Svami Gopalananda erklärt hier, wie er nach einem Sturz mit schweren Verletzungen durch die Übung der Verborgenen Sprache, in den āsanas, der besinnlichen Einstellung und der Selbstbefragung Heilung gefunden hat:
Es war vor ein paar Jahren, als ich von einem sechs Meter hohen Gerüst stürzte. Ich erinnere mich nicht mehr genau daran, was ich gedacht habe, bevor ich auf dem Boden aufschlug. Mein Leben zog nicht an meinen Augen vorbei, wie es vielleicht hätte sein sollen. Aber ich erinnere mich an den Versuch, mich auf den Aufprall dadurch vorzubereiten, daß ich mich in der Luft so drehte und streckte, daß ich nicht auf dem flachen Rücken landen würde. Ich muß wohl gedacht haben, etwas unternehmen zu können, wenn ich sehen würde, was auf mich zukommt. Diese Idee wäre weit hilfreicher gewesen, wenn sie etwas früher Anwendung gefunden hätte.

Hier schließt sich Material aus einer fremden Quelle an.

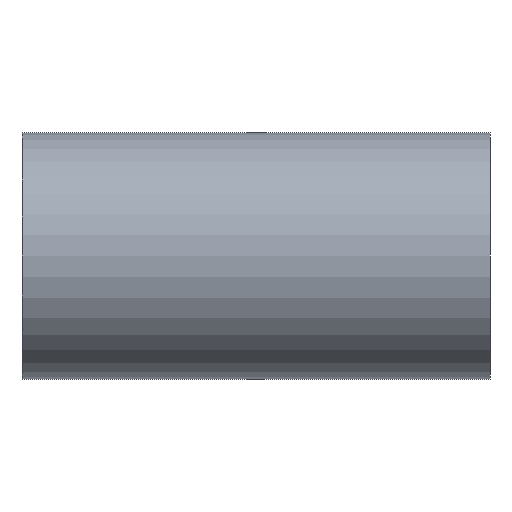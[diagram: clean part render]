
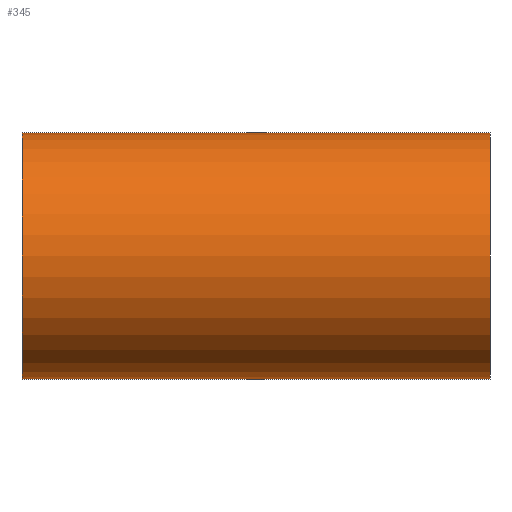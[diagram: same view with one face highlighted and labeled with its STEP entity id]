
A CAD part, left-side view. The second image highlights one B-rep face of the part: STEP entity #345.
In plain terms, the highlighted cylindrical face has radius 25.5 mm (diameter 51 mm), a full revolution.
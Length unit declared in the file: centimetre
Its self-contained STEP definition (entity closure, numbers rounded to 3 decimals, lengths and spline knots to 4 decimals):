
#54=FACE_BOUND('',#132,.T.);
#55=FACE_BOUND('',#133,.T.);
#78=CIRCLE('',#384,2.55);
#79=CIRCLE('',#385,2.55);
#99=FACE_OUTER_BOUND('',#131,.T.);
#131=EDGE_LOOP('',(#274));
#132=EDGE_LOOP('',(#275,#276));
#133=EDGE_LOOP('',(#277));
#151=ELLIPSE('',#357,3.6062,2.55);
#152=ELLIPSE('',#358,3.6062,2.55);
#155=VERTEX_POINT('',#489);
#156=VERTEX_POINT('',#490);
#179=VERTEX_POINT('',#3943);
#180=VERTEX_POINT('',#3945);
#185=EDGE_CURVE('',#155,#156,#151,.T.);
#186=EDGE_CURVE('',#156,#155,#152,.T.);
#216=EDGE_CURVE('',#179,#179,#78,.T.);
#217=EDGE_CURVE('',#180,#180,#79,.T.);
#274=ORIENTED_EDGE('',*,*,#216,.F.);
#275=ORIENTED_EDGE('',*,*,#185,.T.);
#276=ORIENTED_EDGE('',*,*,#186,.T.);
#277=ORIENTED_EDGE('',*,*,#217,.F.);
#301=CYLINDRICAL_SURFACE('',#383,2.55);
#345=ADVANCED_FACE('',(#99,#54,#55),#301,.T.);
#357=AXIS2_PLACEMENT_3D('',#491,#402,#403);
#358=AXIS2_PLACEMENT_3D('',#492,#404,#405);
#383=AXIS2_PLACEMENT_3D('',#3942,#457,#458);
#384=AXIS2_PLACEMENT_3D('',#3944,#459,#460);
#385=AXIS2_PLACEMENT_3D('',#3946,#461,#462);
#402=DIRECTION('center_axis',(-0.707,0.707,0.));
#403=DIRECTION('ref_axis',(0.707,0.707,0.));
#404=DIRECTION('center_axis',(-0.707,-0.707,0.));
#405=DIRECTION('ref_axis',(-0.707,0.707,0.));
#457=DIRECTION('center_axis',(0.,-1.,0.));
#458=DIRECTION('ref_axis',(1.,0.,0.));
#459=DIRECTION('center_axis',(0.,1.,0.));
#460=DIRECTION('ref_axis',(1.,0.,0.));
#461=DIRECTION('center_axis',(0.,-1.,0.));
#462=DIRECTION('ref_axis',(1.,0.,0.));
#489=CARTESIAN_POINT('',(0.,0.,2.55));
#490=CARTESIAN_POINT('',(0.,0.,-2.55));
#491=CARTESIAN_POINT('Origin',(0.,0.,0.));
#492=CARTESIAN_POINT('Origin',(0.,0.,0.));
#3942=CARTESIAN_POINT('Origin',(0.,0.,0.));
#3943=CARTESIAN_POINT('',(-2.55,4.85,0.));
#3944=CARTESIAN_POINT('Origin',(0.,4.85,0.));
#3945=CARTESIAN_POINT('',(-2.55,-4.85,0.));
#3946=CARTESIAN_POINT('Origin',(0.,-4.85,0.));

In diesem Fall hat meine Aktion die resultierende Verletzung nur verschlimmert. Aber ich erinnere mich an einen dominierenden Gedanken im Moment des Aufschlags: Wenn ich in Bewegung bleibe, bin ich in Ordnung. Ich bleibe einfach in Bewegung und bin in Ordnung. Seit damals bin ich zu der Einsicht gekommen, daß dieser Gedanke eine stille, treibende Kraft in meinem Leben war, solange ich zurückdenken kann. Wie auch immer, er war unzutreffend. Nachdem ich gelandet war, konnte ich mich überhaupt nicht bewegen.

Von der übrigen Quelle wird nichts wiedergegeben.